- _Instructions for the task_: The required output is the line with "#16016 = CARTESIAN_POINT" and each line that follows it to the end of the entries below, copied exactly and with nothing added.

☆ ☆ ☆ ☆ ☆ ☆ ☆

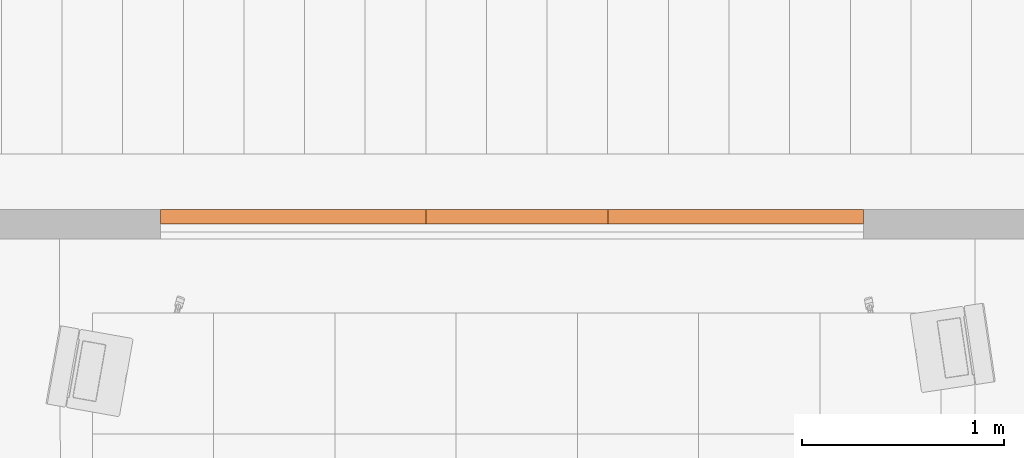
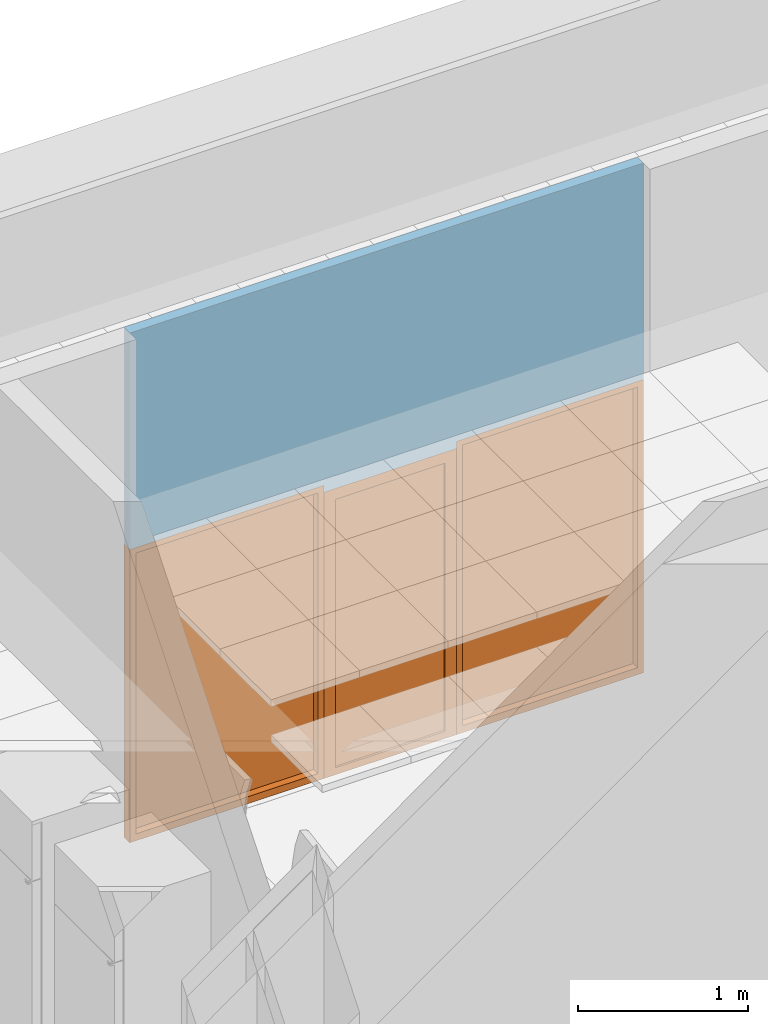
# One storey, part 51 of 60: 3 proxies, 3 openings, plus 1 element that does not belong to this part.
"""IFC2X3 building model written with IfcOpenShell, lengths in millimetres."""

import ifcopenshell
import ifcopenshell.guid

model = None  # the IFC model being written
_history = None  # IfcOwnerHistory: only IFC2X3 demands one
_inside = {}  # id of a spatial element -> (the spatial element, [elements in it])
_under = {}  # id of a project, library or spatial element -> (it, [spatial elements below it])
_declared = {}  # id of a project -> (the project, [libraries it declares])
_typed = {}  # id of a type object -> (the type object, [elements of that type])
_made_of = {}  # id of a material, layer set ... -> (it, [elements and type objects made of it])


def new_model(schema):
    """Start an empty IFC model of exactly this schema.

    Asked for "IFC4X3", IfcOpenShell would pick the latest addendum, in which some entities
    have other attributes; the version numbers below select the first issue.
    IFC2X3 requires an IfcOwnerHistory on every rooted entity: one is made here for all.
    """
    global model, _history
    if schema == "IFC4X3":
        model = ifcopenshell.file(schema_version=(4, 3, 0, 0))
    else:
        model = ifcopenshell.file(schema=schema)
    _inside.clear()
    _under.clear()
    _declared.clear()
    _typed.clear()
    _made_of.clear()
    _history = None
    if model.schema == "IFC2X3":
        org = make("IfcOrganization", Name="unknown")
        user = make(
            "IfcPersonAndOrganization",
            ThePerson=make("IfcPerson", FamilyName="unknown"),
            TheOrganization=org,
        )
        app = make(
            "IfcApplication",
            ApplicationDeveloper=org,
            Version="unknown",
            ApplicationFullName="unknown",
            ApplicationIdentifier="unknown",
        )
        _history = make(
            "IfcOwnerHistory",
            OwningUser=user,
            OwningApplication=app,
            ChangeAction="ADDED",
            CreationDate=0,
        )
    return model


def make(cls, **values):
    """One entity of the class cls with the attributes given. An attribute that is None is left unset."""
    return model.create_entity(
        cls, **{name: value for name, value in values.items() if value is not None}
    )


def entity(cls, *values):
    """Any entity or typed value of the class cls, its attributes in the order of the schema. None: left unset."""
    e = model.create_entity(cls)
    for i, value in enumerate(values):
        if value is not None:
            e[i] = value
    return e


def rooted(cls, **values):
    """An entity with a GlobalId (a new one), such as an element, a storey or a relation."""
    return make(cls, GlobalId=ifcopenshell.guid.new(), OwnerHistory=_history, **values)


def si_unit(unit_type, name, prefix=None):
    """IfcSIUnit, for example si_unit("LENGTHUNIT", "METRE", prefix="MILLI")."""
    return make("IfcSIUnit", UnitType=unit_type, Prefix=prefix, Name=name)


def converted_unit(unit_type, name, factor, base, dimensions=None, offset=None):
    """IfcConversionBasedUnit, such as the inch: factor (a typed value) times the base unit."""
    return make(
        "IfcConversionBasedUnit"
        if offset is None
        else "IfcConversionBasedUnitWithOffset",
        ConversionOffset=offset,
        Dimensions=None
        if dimensions is None
        else entity("IfcDimensionalExponents", *dimensions),
        UnitType=unit_type,
        Name=name,
        ConversionFactor=make(
            "IfcMeasureWithUnit", ValueComponent=factor, UnitComponent=base
        ),
    )


def derived_unit(unit_type, elements):
    """IfcDerivedUnit: a product of units, each with its exponent."""
    return make(
        "IfcDerivedUnit",
        Elements=[
            make("IfcDerivedUnitElement", Unit=unit, Exponent=power)
            for unit, power in elements
        ],
        UnitType=unit_type,
    )


def money_unit(currency):
    """IfcMonetaryUnit."""
    return make("IfcMonetaryUnit", Currency=currency)


def assignment(units):
    """IfcUnitAssignment: the units of a project."""
    return None if units is None else make("IfcUnitAssignment", Units=units)


def point(xyz):
    """IfcCartesianPoint."""
    return None if xyz is None else make("IfcCartesianPoint", Coordinates=xyz)


def direction(xyz):
    """IfcDirection."""
    return None if xyz is None else make("IfcDirection", DirectionRatios=xyz)


def frame(location, z_axis=None, x_axis=None):
    """IfcAxis2Placement3D, a coordinate frame: its origin and axes. An axis left out is left unset."""
    return make(
        "IfcAxis2Placement3D",
        Location=point(location),
        Axis=direction(z_axis),
        RefDirection=direction(x_axis),
    )


def frame_2d(location, x_axis=None):
    """IfcAxis2Placement2D, a coordinate frame in the plane: its origin and x axis."""
    return make(
        "IfcAxis2Placement2D", Location=point(location), RefDirection=direction(x_axis)
    )


def origin_with_axes():
    """The frame at (0, 0, 0) with the z axis (0, 0, 1) and the x axis (1, 0, 0) written out."""
    return frame((0.0, 0.0, 0.0), z_axis=(0.0, 0.0, 1.0), x_axis=(1.0, 0.0, 0.0))


def origin_2d_with_axis():
    """The frame at (0, 0) in the plane with the x axis (1, 0) written out."""
    return frame_2d((0.0, 0.0), x_axis=(1.0, 0.0))


def place(relative_to, where):
    """IfcLocalPlacement: puts the frame where relative to a parent placement (None: the world)."""
    return make(
        "IfcLocalPlacement", PlacementRelTo=relative_to, RelativePlacement=where
    )


def context(
    kind, dimensions, precision=None, world=None, true_north=None, identifier=None
):
    """IfcGeometricRepresentationContext, for example the 3D "Model" context."""
    return make(
        "IfcGeometricRepresentationContext",
        ContextIdentifier=identifier,
        ContextType=kind,
        CoordinateSpaceDimension=dimensions,
        Precision=precision,
        WorldCoordinateSystem=world,
        TrueNorth=true_north,
    )


def subcontext(parent, identifier, kind, view, scale=None):
    """IfcGeometricRepresentationSubContext, for example "Body" below "Model"."""
    return make(
        "IfcGeometricRepresentationSubContext",
        ContextIdentifier=identifier,
        ContextType=kind,
        ParentContext=parent,
        TargetScale=scale,
        TargetView=view,
    )


def project(units=None, contexts=None):
    """IfcProject with its units and contexts."""
    return rooted(
        "IfcProject",
        Name="project",
        RepresentationContexts=contexts,
        UnitsInContext=assignment(units),
    )


def spatial(cls, under=None, at=None, **own):
    """A site, building, storey or space (cls), placed at a placement, below another one or the project."""
    s = rooted(cls, ObjectPlacement=at, **own)
    if under is not None:
        _under.setdefault(under.id(), (under, []))[1].append(s)
    return s


def polyline(points):
    """IfcPolyline through the points."""
    return make("IfcPolyline", Points=[point(p) for p in points])


def profile(cls, at=None, kind="AREA", **sizes):
    """A parametric profile (cls). Its sizes go by their IFC names, for example OverallWidth=200.0."""
    return make(cls, ProfileType=kind, Position=at, **sizes)


def rectangle(**sizes):
    """IfcRectangleProfileDef."""
    return profile("IfcRectangleProfileDef", **sizes)


def outline(outer, holes=None, kind="AREA"):
    """IfcArbitraryClosedProfileDef: a profile drawn as a closed curve; with holes, ...WithVoids."""
    if holes is None:
        return make("IfcArbitraryClosedProfileDef", ProfileType=kind, OuterCurve=outer)
    return make(
        "IfcArbitraryProfileDefWithVoids",
        ProfileType=kind,
        OuterCurve=outer,
        InnerCurves=holes,
    )


def extrude(swept, where, along, depth):
    """IfcExtrudedAreaSolid: the profile swept, set in the frame where, extruded along a direction by depth."""
    return make(
        "IfcExtrudedAreaSolid",
        SweptArea=swept,
        Position=where,
        ExtrudedDirection=direction(along),
        Depth=depth,
    )


def faces_of(points, faces, orient=None, outer=None):
    """IfcFace entities. A face is a list of loops; a loop is a list of indices into points, from 0.

    orient and outer hold one flag for each loop. By default every Orientation is true, the
    first loop of a face is its IfcFaceOuterBound and the others are IfcFaceBound.
    """
    made = []
    for i, loops in enumerate(faces):
        bounds = []
        for j, loop in enumerate(loops):
            is_outer = j == 0 if outer is None else outer[i][j]
            bounds.append(
                make(
                    "IfcFaceOuterBound" if is_outer else "IfcFaceBound",
                    Bound=make("IfcPolyLoop", Polygon=[points[k] for k in loop]),
                    Orientation=True if orient is None else orient[i][j],
                )
            )
        made.append(make("IfcFace", Bounds=bounds))
    return made


def open_shell(faces, orient=None, outer=None):
    """The faces of one IfcOpenShell. surface_model builds it on its shared points."""
    return ("IfcOpenShell", faces, orient, outer)


def faceted_brep(points, faces, orient=None, outer=None, voids=None):
    """IfcFacetedBrep: a solid bounded by flat faces; with voids (closed shells), ...WithVoids."""
    shared = [point(p) for p in points]
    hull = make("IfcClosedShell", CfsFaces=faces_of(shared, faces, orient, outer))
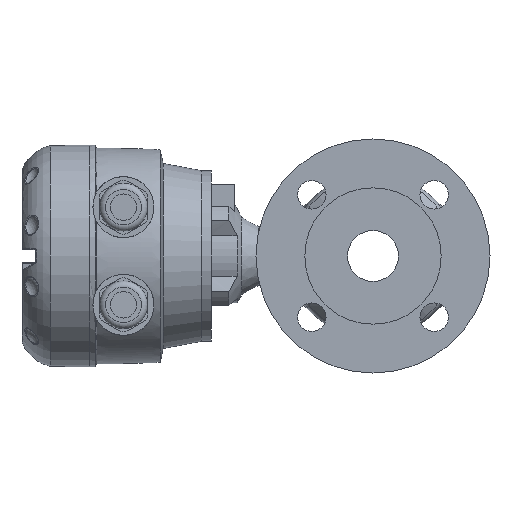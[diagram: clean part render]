
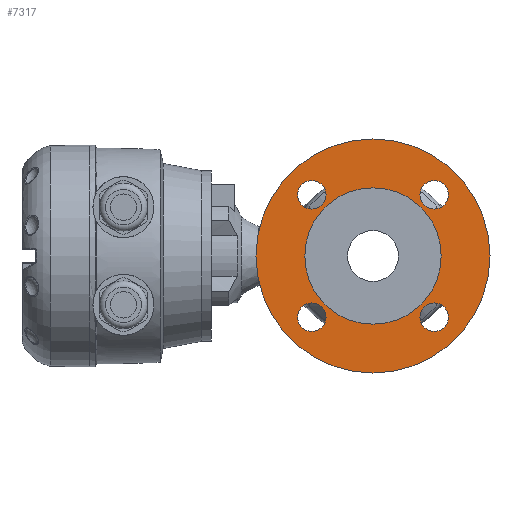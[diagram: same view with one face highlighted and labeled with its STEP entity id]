
A CAD part, left-side view. The second image highlights one B-rep face of the part: STEP entity #7317.
In plain terms, the highlighted planar face has unit normal (-1, 0, 0).
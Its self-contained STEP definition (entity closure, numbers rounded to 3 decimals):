
#471 = EDGE_CURVE ( 'NONE', #15989, #15989, #9374, .T. ) ;
#493 = EDGE_CURVE ( 'NONE', #15999, #15999, #9405, .T. ) ;
#567 = EDGE_CURVE ( 'NONE', #16013, #16013, #9503, .T. ) ;
#579 = EDGE_CURVE ( 'NONE', #16015, #16015, #9518, .T. ) ;
#805 = EDGE_CURVE ( 'NONE', #16061, #16061, #11181, .T. ) ;
#862 = CARTESIAN_POINT ( 'NONE',  ( -65.805, -103.069, -40.595 ) ) ;
#865 = DIRECTION ( 'NONE',  ( -1., 0., 0. ) ) ;
#866 = DIRECTION ( 'NONE',  ( 0., 0., 1. ) ) ;
#917 = CARTESIAN_POINT ( 'NONE',  ( -65.805, -73.017, -10.543 ) ) ;
#919 = DIRECTION ( 'NONE',  ( 1., 0., 0. ) ) ;
#920 = DIRECTION ( 'NONE',  ( 0., 0., -1. ) ) ;
#2189 = CARTESIAN_POINT ( 'NONE',  ( -65.805, -73.017, -10.543 ) ) ;
#2198 = DIRECTION ( 'NONE',  ( 1., 0., 0. ) ) ;
#2199 = DIRECTION ( 'NONE',  ( 0., 0., -1. ) ) ;
#2543 = EDGE_CURVE ( 'NONE', #16087, #16087, #11387, .T. ) ;
#2908 = AXIS2_PLACEMENT_3D ( 'NONE', #7362, #7363, #7335 ) ;
#2925 = AXIS2_PLACEMENT_3D ( 'NONE', #3513, #3522, #3528 ) ;
#2946 = AXIS2_PLACEMENT_3D ( 'NONE', #917, #919, #920 ) ;
#2949 = AXIS2_PLACEMENT_3D ( 'NONE', #862, #865, #866 ) ;
#3037 = AXIS2_PLACEMENT_3D ( 'NONE', #2189, #2198, #2199 ) ;
#3087 = AXIS2_PLACEMENT_3D ( 'NONE', #12790, #12801, #12802 ) ;
#3513 = CARTESIAN_POINT ( 'NONE',  ( -65.805, -103.069, 19.509 ) ) ;
#3522 = DIRECTION ( 'NONE',  ( -1., 0., 0. ) ) ;
#3528 = DIRECTION ( 'NONE',  ( 0., 0., 1. ) ) ;
#3756 = AXIS2_PLACEMENT_3D ( 'NONE', #15637, #15646, #15647 ) ;
#7317 = ADVANCED_FACE ( 'NONE', ( #8717, #8729, #8733, #8737, #8725, #8713 ), #15643, .T. ) ;
#7335 = DIRECTION ( 'NONE',  ( 0., 0., 1. ) ) ;
#7362 = CARTESIAN_POINT ( 'NONE',  ( -65.805, -42.965, 19.509 ) ) ;
#7363 = DIRECTION ( 'NONE',  ( -1., 0., 0. ) ) ;
#8713 = FACE_BOUND ( 'NONE', #13467, .T. ) ;
#8717 = FACE_BOUND ( 'NONE', #13557, .T. ) ;
#8725 = FACE_OUTER_BOUND ( 'NONE', #13459, .T. ) ;
#8729 = FACE_BOUND ( 'NONE', #13507, .T. ) ;
#8733 = FACE_BOUND ( 'NONE', #13498, .T. ) ;
#8734 = ORIENTED_EDGE ( 'NONE', *, *, #471, .F. ) ;
#8737 = FACE_BOUND ( 'NONE', #13503, .T. ) ;
#8738 = ORIENTED_EDGE ( 'NONE', *, *, #493, .F. ) ;
#8742 = ORIENTED_EDGE ( 'NONE', *, *, #567, .F. ) ;
#8746 = ORIENTED_EDGE ( 'NONE', *, *, #2543, .F. ) ;
#8750 = ORIENTED_EDGE ( 'NONE', *, *, #579, .F. ) ;
#8754 = ORIENTED_EDGE ( 'NONE', *, *, #805, .T. ) ;
#9374 = CIRCLE ( 'NONE', #2908, 7. ) ;
#9405 = CIRCLE ( 'NONE', #2925, 7. ) ;
#9503 = CIRCLE ( 'NONE', #2949, 7. ) ;
#9518 = CIRCLE ( 'NONE', #2946, 57.5 ) ;
#11181 = CIRCLE ( 'NONE', #3037, 33.5 ) ;
#11387 = CIRCLE ( 'NONE', #3087, 7. ) ;
#12790 = CARTESIAN_POINT ( 'NONE',  ( -65.805, -42.965, -40.595 ) ) ;
#12801 = DIRECTION ( 'NONE',  ( -1., 0., 0. ) ) ;
#12802 = DIRECTION ( 'NONE',  ( 0., 0., 1. ) ) ;
#13459 = EDGE_LOOP ( 'NONE', ( #8750 ) ) ;
#13467 = EDGE_LOOP ( 'NONE', ( #8754 ) ) ;
#13498 = EDGE_LOOP ( 'NONE', ( #8742 ) ) ;
#13503 = EDGE_LOOP ( 'NONE', ( #8746 ) ) ;
#13507 = EDGE_LOOP ( 'NONE', ( #8738 ) ) ;
#13557 = EDGE_LOOP ( 'NONE', ( #8734 ) ) ;
#15637 = CARTESIAN_POINT ( 'NONE',  ( -65.805, -73.017, -10.543 ) ) ;
#15643 = PLANE ( 'NONE',  #3756 ) ;
#15646 = DIRECTION ( 'NONE',  ( -1., 0., 0. ) ) ;
#15647 = DIRECTION ( 'NONE',  ( 0., 0., -1. ) ) ;
#15989 = VERTEX_POINT ( 'NONE', #15990 ) ;
#15990 = CARTESIAN_POINT ( 'NONE',  ( -65.805, -42.965, 26.509 ) ) ;
#15999 = VERTEX_POINT ( 'NONE', #16000 ) ;
#16000 = CARTESIAN_POINT ( 'NONE',  ( -65.805, -103.069, 26.509 ) ) ;
#16013 = VERTEX_POINT ( 'NONE', #16014 ) ;
#16014 = CARTESIAN_POINT ( 'NONE',  ( -65.805, -103.069, -33.595 ) ) ;
#16015 = VERTEX_POINT ( 'NONE', #16016 ) ;
#16016 = CARTESIAN_POINT ( 'NONE',  ( -65.805, -73.017, -68.043 ) ) ;
#16061 = VERTEX_POINT ( 'NONE', #16062 ) ;
#16062 = CARTESIAN_POINT ( 'NONE',  ( -65.805, -73.017, -44.043 ) ) ;
#16087 = VERTEX_POINT ( 'NONE', #16088 ) ;
#16088 = CARTESIAN_POINT ( 'NONE',  ( -65.805, -42.965, -33.595 ) ) ;

☆ ☆ ☆ ☆ ☆ ☆ ☆

- _Answer box_:
#16016 = CARTESIAN_POINT ( 'NONE',  ( -65.805, -73.017, -68.043 ) ) ;
#16061 = VERTEX_POINT ( 'NONE', #16062 ) ;
#16062 = CARTESIAN_POINT ( 'NONE',  ( -65.805, -73.017, -44.043 ) ) ;
#16087 = VERTEX_POINT ( 'NONE', #16088 ) ;
#16088 = CARTESIAN_POINT ( 'NONE',  ( -65.805, -42.965, -33.595 ) ) ;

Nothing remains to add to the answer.